YOUR INSTRUCTIONS: Go through the records and report each line holding the string "nylon".
DATA EXTRACTS START
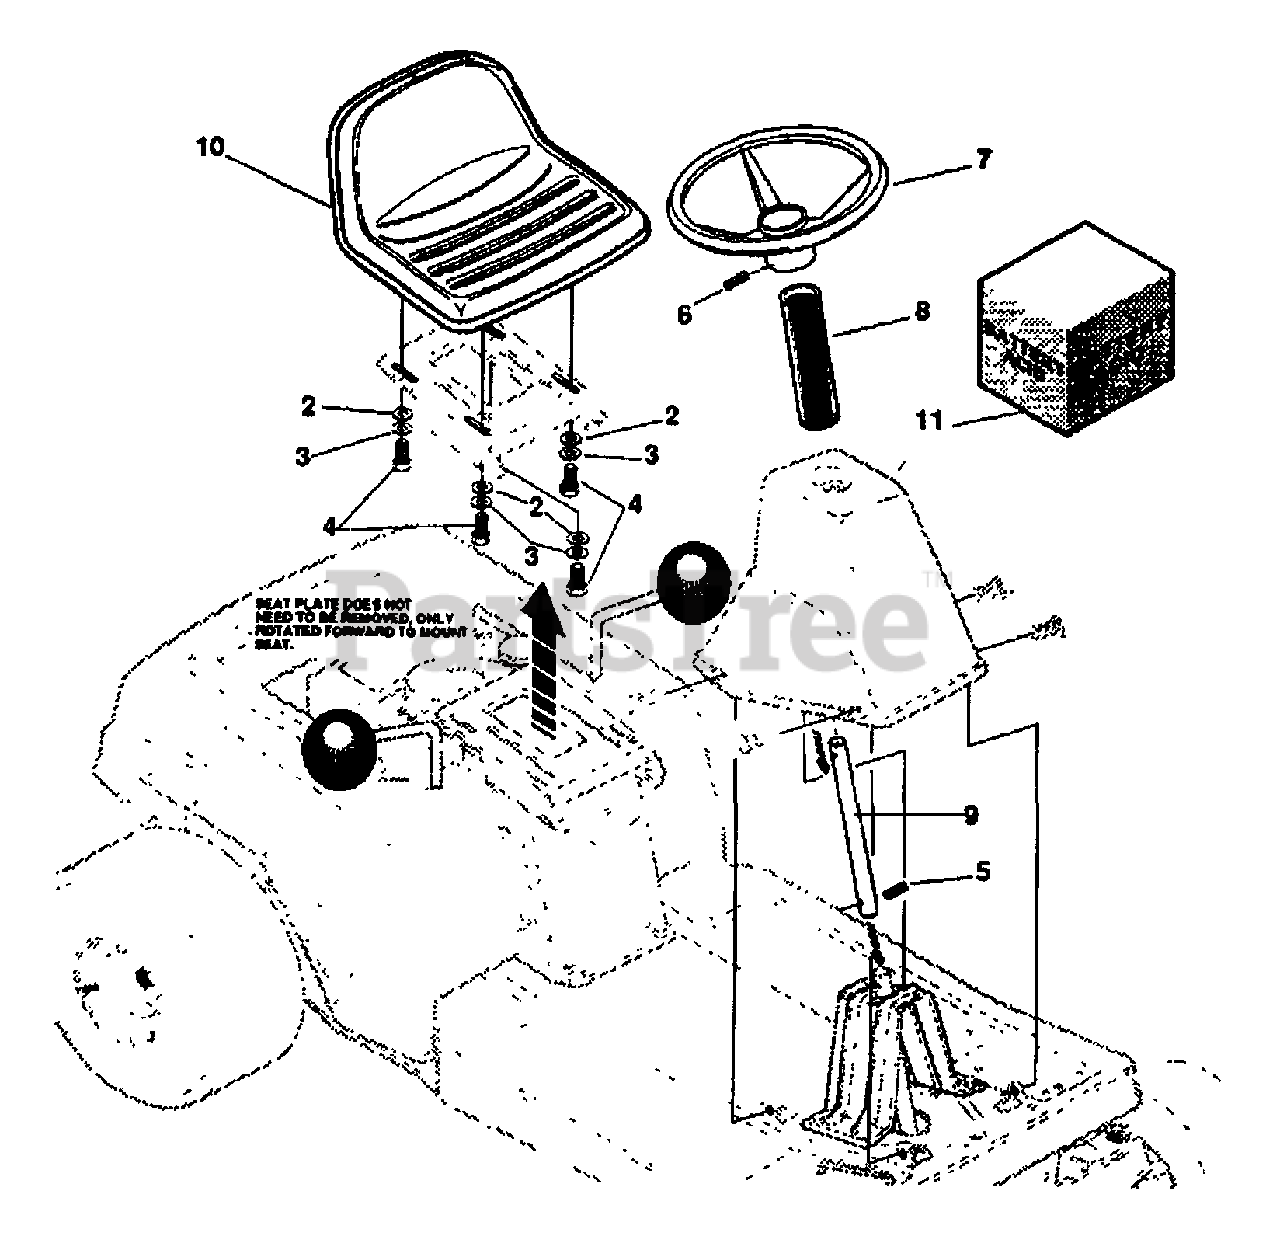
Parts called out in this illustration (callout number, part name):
2	WASHER, FLAT.344 X .69 X .065
3	WASHER, HV SPT LK .32 8 X .60 X .11
4	SCREW, 5/16-18 X .75 HHC GR2
5	PIN, SPRING .187 DIA X 1.25 LG MD
6	PIN, SPRING .250 DIA X 2.25 LG HVPL
7	WHEEL, STEERING
8	TUBE, DECORATIVE
9	TUBE-STEERlNG
11	ACID PACK, 32 OZ.
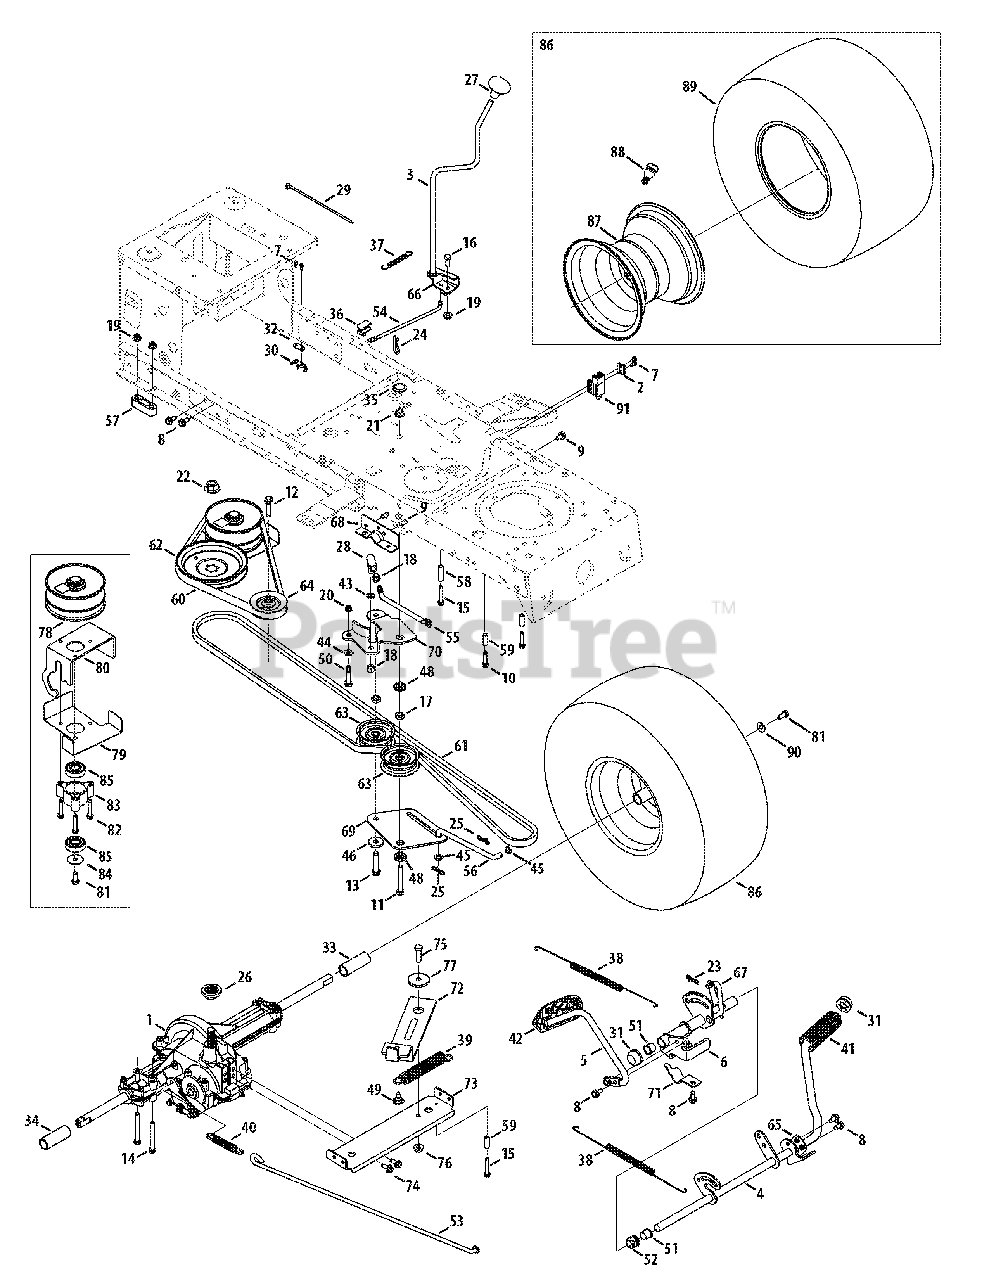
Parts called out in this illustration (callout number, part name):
1	Drive Assembly, AutoDrive
2	Plate Switch
3	Lever Assembly, Shift
4	Pedal Assembly, Drive
5	Pedal Assembly, Control
6	Bracket Assembly, Pedal
7	Screw, ab, #8-18, 0.500, Hxindwsh
8	Screw, tt, 5/16-18, .750, Hxindwsh
9	Screw, tt, 5/16-18, 0.625, Hxindwsh
10	Screw, tt, 1/4-20, 1.250, Hxindwsh
11	Hhcs, 3/8-16, 2.50, Gr5, Std
12	Screw, ttsems, 3/8-16, 1.500, Hxlwsh
13	Screw, ttsems, 3/8-16, 1.875, Hxlwsh
14	Hhcs, 5/16-18, 3.50, Gr5, Std
15	Screw, tt, 1/4-20, 1.625, Hxindwsh
16	Hhcs, 5/16-18, .75, Gr5, Std
17	Nut, jam, 7/16-20, Gr2
18	Nut, hex, 3/8-24, Gr5
19	Nut, flglk, 5/16-18, Grf, nylon
20	Nut, flglk, 1/4-20, Grf, nylon
21	Nut, flglk, 3/8-16, Grf, top Lk
22	Nut, flg, 9/16-18, Gr2
23	Pin, cot, 3/32, 1.0
24	Pin, cotter Int- .125 Dia
25	Pin, cotter, bow-Tie 72
26	Hub, Pulley, 5/8 Spline
27	Knob, Shift
28	Ball, joint
29	Cable, tie, 3/16 X .05 X 7.4
30	Switch, Springing, Short
31	Cap, push 5/8
32	Plate, Insulator Nut
33	Sleeve, .758 X .821 X 3.3125
34	Sleeve, .758 X .821 X 2.4375
35	Plug, deck Hole, 7/8
36	Bearing, Shift Rod
37	Spring, extension, .38 Od X 3.25 Lg
38	Spring, extension, .70 Dia X 12.00 Lg
39	Spring, extension, .97 Od X 6.18 Lg
40	Spring, extension, .59 Od X 4.00 Lg
41	Pad, foot, 4.0 Long
42	Pad, Control
43	Washer, lock, 3/8, Regular Duty
44	Washer, flat, .28 X .74 X .063
45	Washer, flat, .375 X .738 X .063
46	Washer, flat, .450x1.250x.164, Ht
48	Spacer, Drive, 1.00 X .38 X .38
49	Screw, Drive, .43x.29, Tt, 5/16-18
50	Screw, shld, .374 Dia. X 1.16 Lg.
51	Bearing, flg, .630 Idx .695 Od X .60
52	Bearing, hex Flg, .628 Id, split
53	Rod, brake,Trans
54	Rod, shift, 46"
55	Rod, adj, Idler, 3/8
56	Rod, trans, footPedalal Bypass
57	Spacer, T-Axle .68
58	Spacer, .260 X .372 X 1.420 Lg
59	Spacer, .260 X .375 X 1.030 Lg
60	Belt, v Typ, 5l X 40.9 Lg Poly
61	Belt, v Typ, 5l, 90.80, Poly
62	Pulley, v Typ, 7.25 Dia Spun
63	Pulley, Idler, flat 2.75 Od
64	Pulley, Idler, v-Type X 3.06
65	Bracket, Pedal, support
66	Bracket, Shift, adj
67	Plate, Bracket, reinforcement
68	Bracket, Pedal, frame Rh
69	Bracket, Idler, center Dbl
70	Bracket, Idler, dbl AutoDriveive Lt-5
71	Bracket, supt, Pedalal Stap
72	Bracket Assembly, Idler
73	Bracket Assembly, AutoDrive
74	Screw, tt, 5/16-18, 0.750, Hxindwsh
75	Hhcs, 3/8-16, 1.25, Gr5, Std
76	Nut, flglk, 3/8-16, Grf, nylon
77	Spacer, Drive, .8840 X .190
78	Pulley Assembly, var Spd, 4.75 Od
79	Keepr Assembly, belt
80	Bracket Assembly, vari Painted
81	Hhcs, 5/16-24, .750, Gr5, Lock
82	Screw, tt, 1/4-20, 1.500, Hxindwsh
83	Cup, Bearing
84	Washer, flat, .330 X 1.25 X .06, Ht
85	Bearing, ball, 17x40x12, 6203, Ds
86	Wheel, 20 x 8 x 8, 42"
87	Rim Assembly:8.0 X 7.0 X .750 Id
88	Valve, tubeless Air
89	Tire, 20 X 8 X 8 Sq Sh
90	Bell Washerer, .340 x .872 x .060
91	Switch Interlock
DATA EXTRACTS END
SOLUTION FOR THIS PROBLEM:
19	Nut, flglk, 5/16-18, Grf, nylon
20	Nut, flglk, 1/4-20, Grf, nylon
76	Nut, flglk, 3/8-16, Grf, nylon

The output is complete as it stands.